### What you should do
Reproduce every line of the data, exactly and without its pictures.

### Input data
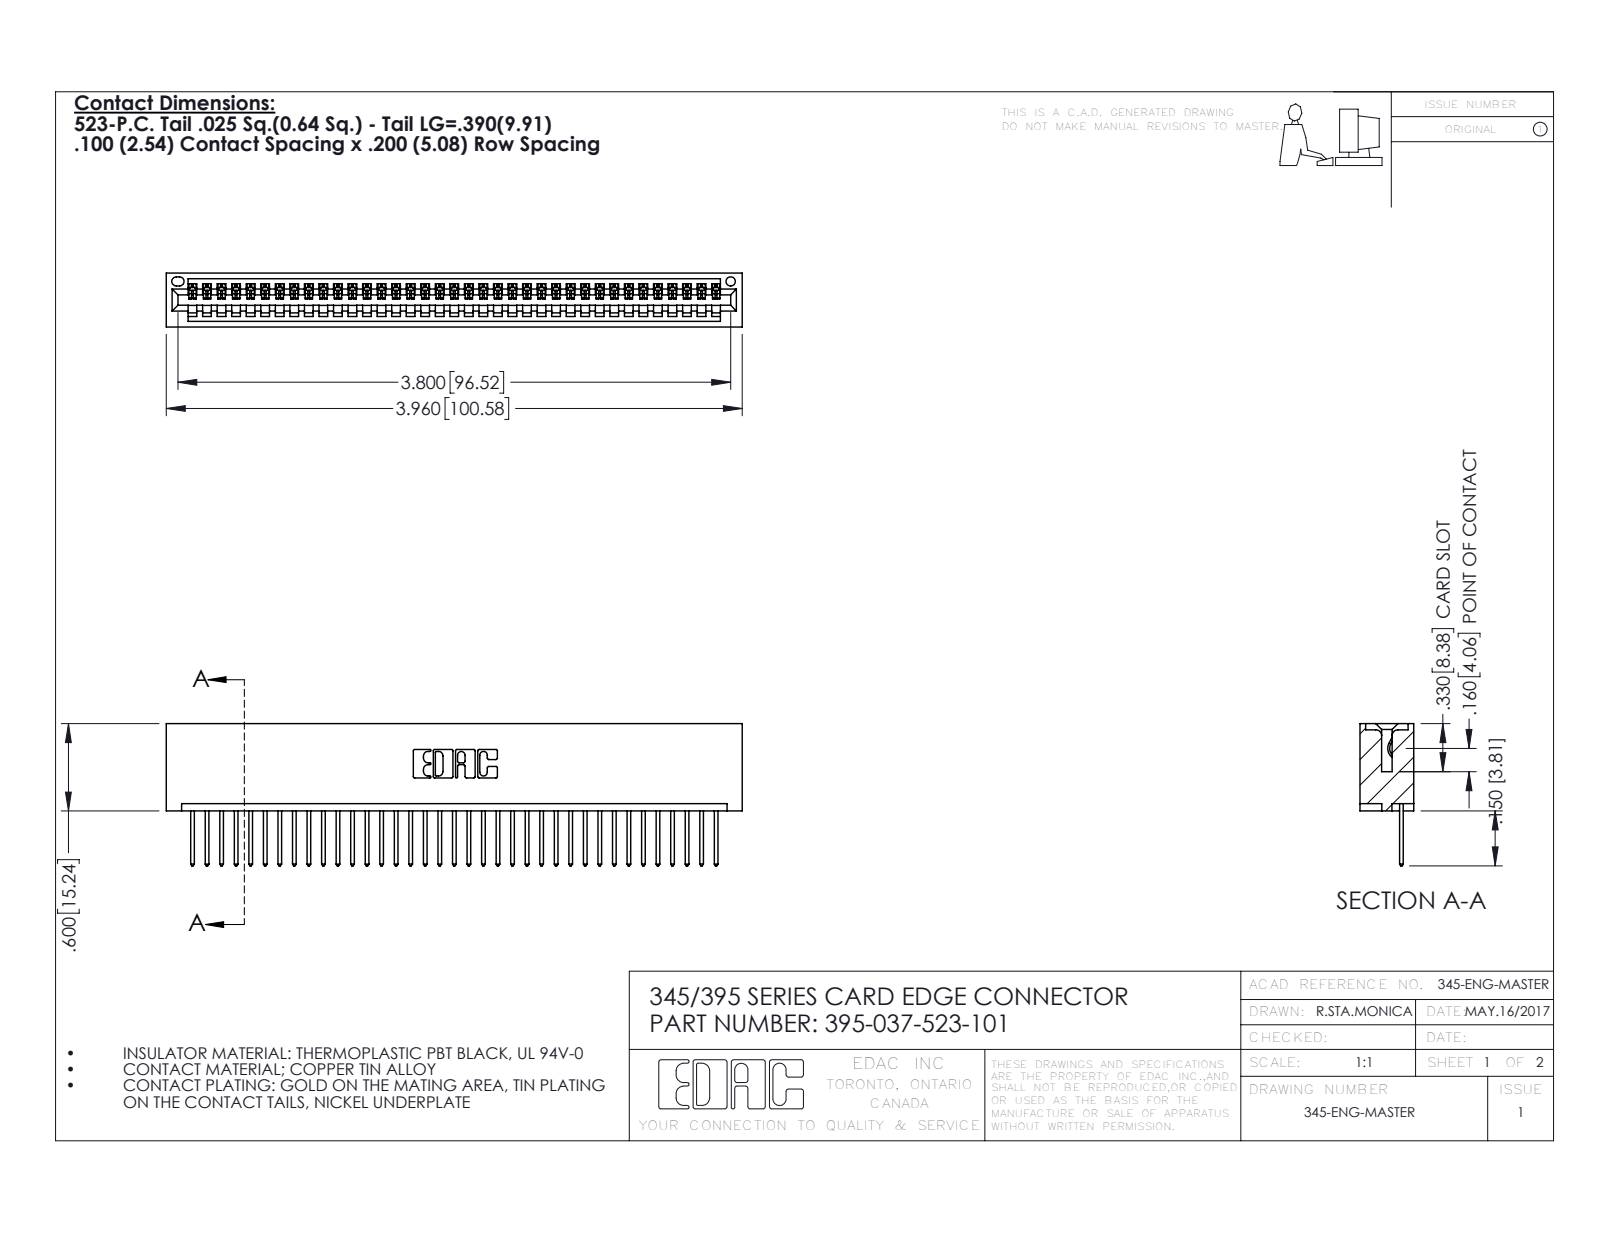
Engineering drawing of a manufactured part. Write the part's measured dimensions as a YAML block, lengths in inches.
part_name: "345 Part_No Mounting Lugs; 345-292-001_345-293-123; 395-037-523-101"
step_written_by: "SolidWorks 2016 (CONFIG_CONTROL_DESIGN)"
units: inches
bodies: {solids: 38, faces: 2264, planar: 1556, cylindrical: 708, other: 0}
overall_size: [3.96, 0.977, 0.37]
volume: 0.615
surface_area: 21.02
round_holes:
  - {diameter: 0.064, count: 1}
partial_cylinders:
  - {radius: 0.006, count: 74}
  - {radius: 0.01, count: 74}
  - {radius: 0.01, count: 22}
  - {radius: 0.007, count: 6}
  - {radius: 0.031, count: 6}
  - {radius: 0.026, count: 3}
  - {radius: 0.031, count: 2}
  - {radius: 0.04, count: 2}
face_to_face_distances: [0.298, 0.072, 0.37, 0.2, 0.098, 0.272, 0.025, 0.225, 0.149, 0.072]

### Exercise solution
Engineering drawing of a manufactured part. Write the part's measured dimensions as a YAML block, lengths in inches.
part_name: "345 Part_No Mounting Lugs; 345-292-001_345-293-123; 395-037-523-101"
step_written_by: "SolidWorks 2016 (CONFIG_CONTROL_DESIGN)"
units: inches
bodies: {solids: 38, faces: 2264, planar: 1556, cylindrical: 708, other: 0}
overall_size: [3.96, 0.977, 0.37]
volume: 0.615
surface_area: 21.02
round_holes:
  - {diameter: 0.064, count: 1}
partial_cylinders:
  - {radius: 0.006, count: 74}
  - {radius: 0.01, count: 74}
  - {radius: 0.01, count: 22}
  - {radius: 0.007, count: 6}
  - {radius: 0.031, count: 6}
  - {radius: 0.026, count: 3}
  - {radius: 0.031, count: 2}
  - {radius: 0.04, count: 2}
face_to_face_distances: [0.298, 0.072, 0.37, 0.2, 0.098, 0.272, 0.025, 0.225, 0.149, 0.072]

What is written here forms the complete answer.